■ Work order
Only one span of the listing below should come back. It runs from the line with "Bounding box: 9.75 x 2.41 x 6.35 mm (x, y, z)" through the line with "Entity records: 523", and each of its lines must be reproduced exactly.

-------- Supplied records

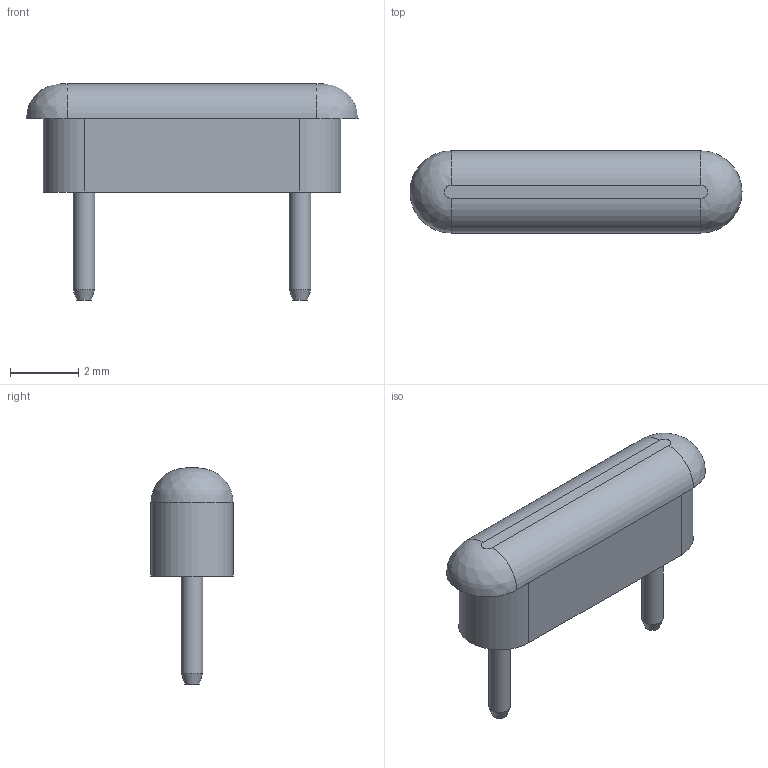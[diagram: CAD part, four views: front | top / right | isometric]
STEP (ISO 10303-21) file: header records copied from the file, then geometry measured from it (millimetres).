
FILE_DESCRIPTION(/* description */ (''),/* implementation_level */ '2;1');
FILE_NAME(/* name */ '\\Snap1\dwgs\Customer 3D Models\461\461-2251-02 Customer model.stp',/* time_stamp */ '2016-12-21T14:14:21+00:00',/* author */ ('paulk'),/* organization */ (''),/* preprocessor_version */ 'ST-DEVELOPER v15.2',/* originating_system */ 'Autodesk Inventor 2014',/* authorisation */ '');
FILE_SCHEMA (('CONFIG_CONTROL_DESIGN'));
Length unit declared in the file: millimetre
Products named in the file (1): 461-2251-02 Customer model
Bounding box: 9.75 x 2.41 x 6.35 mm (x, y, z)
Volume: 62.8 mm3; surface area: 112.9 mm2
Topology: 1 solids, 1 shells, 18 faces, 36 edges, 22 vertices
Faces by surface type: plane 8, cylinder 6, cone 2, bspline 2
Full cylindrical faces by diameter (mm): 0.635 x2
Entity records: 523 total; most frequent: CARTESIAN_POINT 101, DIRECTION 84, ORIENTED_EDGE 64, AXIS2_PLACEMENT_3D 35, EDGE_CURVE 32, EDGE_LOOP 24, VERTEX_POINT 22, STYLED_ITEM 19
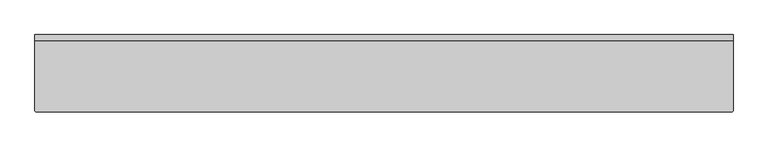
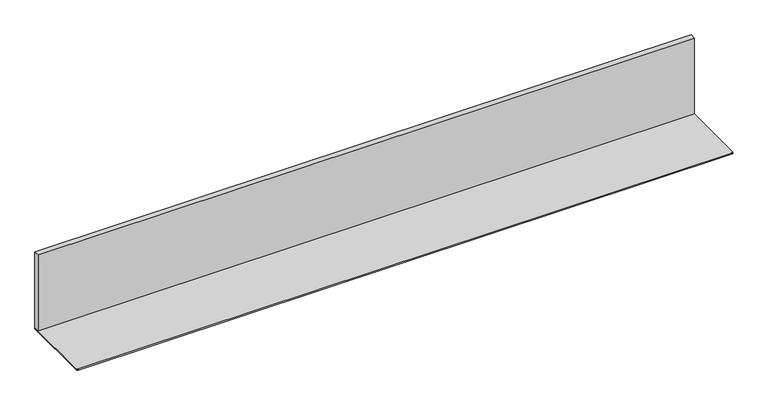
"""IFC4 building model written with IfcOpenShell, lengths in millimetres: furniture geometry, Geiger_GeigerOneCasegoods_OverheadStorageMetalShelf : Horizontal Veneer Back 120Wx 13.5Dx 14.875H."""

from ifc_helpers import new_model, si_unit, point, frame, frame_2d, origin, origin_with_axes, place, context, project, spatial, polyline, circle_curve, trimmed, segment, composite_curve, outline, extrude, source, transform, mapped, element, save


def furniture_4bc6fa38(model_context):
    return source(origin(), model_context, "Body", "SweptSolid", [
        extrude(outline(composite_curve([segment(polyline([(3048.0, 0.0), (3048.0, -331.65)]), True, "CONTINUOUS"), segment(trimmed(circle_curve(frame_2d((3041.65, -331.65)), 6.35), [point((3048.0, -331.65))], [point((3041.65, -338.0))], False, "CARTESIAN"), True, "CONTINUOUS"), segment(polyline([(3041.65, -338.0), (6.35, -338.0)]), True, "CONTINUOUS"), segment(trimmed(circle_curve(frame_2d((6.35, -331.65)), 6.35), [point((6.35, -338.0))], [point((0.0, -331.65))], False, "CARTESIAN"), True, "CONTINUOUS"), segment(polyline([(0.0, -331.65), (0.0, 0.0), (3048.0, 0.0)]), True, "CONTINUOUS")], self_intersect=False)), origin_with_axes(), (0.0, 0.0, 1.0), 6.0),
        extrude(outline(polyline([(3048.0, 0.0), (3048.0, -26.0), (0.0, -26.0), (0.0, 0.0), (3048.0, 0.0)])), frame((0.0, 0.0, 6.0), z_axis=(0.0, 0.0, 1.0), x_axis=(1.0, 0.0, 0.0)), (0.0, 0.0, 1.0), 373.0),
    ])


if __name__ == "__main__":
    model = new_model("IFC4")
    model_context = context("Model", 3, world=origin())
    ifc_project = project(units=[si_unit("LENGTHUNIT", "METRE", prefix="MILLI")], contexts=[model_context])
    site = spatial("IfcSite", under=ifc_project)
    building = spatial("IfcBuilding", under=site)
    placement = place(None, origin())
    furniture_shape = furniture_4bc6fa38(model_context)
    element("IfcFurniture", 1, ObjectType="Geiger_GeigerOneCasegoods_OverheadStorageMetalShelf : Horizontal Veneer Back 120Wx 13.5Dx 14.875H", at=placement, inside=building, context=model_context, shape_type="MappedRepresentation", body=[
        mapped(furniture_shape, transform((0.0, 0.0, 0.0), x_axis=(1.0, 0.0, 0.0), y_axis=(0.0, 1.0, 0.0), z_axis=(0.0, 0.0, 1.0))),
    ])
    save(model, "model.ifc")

----------------

■ Result for this task
Bounding box: 9.75 x 2.41 x 6.35 mm (x, y, z)
Volume: 62.8 mm3; surface area: 112.9 mm2
Topology: 1 solids, 1 shells, 18 faces, 36 edges, 22 vertices
Faces by surface type: plane 8, cylinder 6, cone 2, bspline 2
Full cylindrical faces by diameter (mm): 0.635 x2
Entity records: 523 total; most frequent: CARTESIAN_POINT 101, DIRECTION 84, ORIENTED_EDGE 64, AXIS2_PLACEMENT_3D 35, EDGE_CURVE 32, EDGE_LOOP 24, VERTEX_POINT 22, STYLED_ITEM 19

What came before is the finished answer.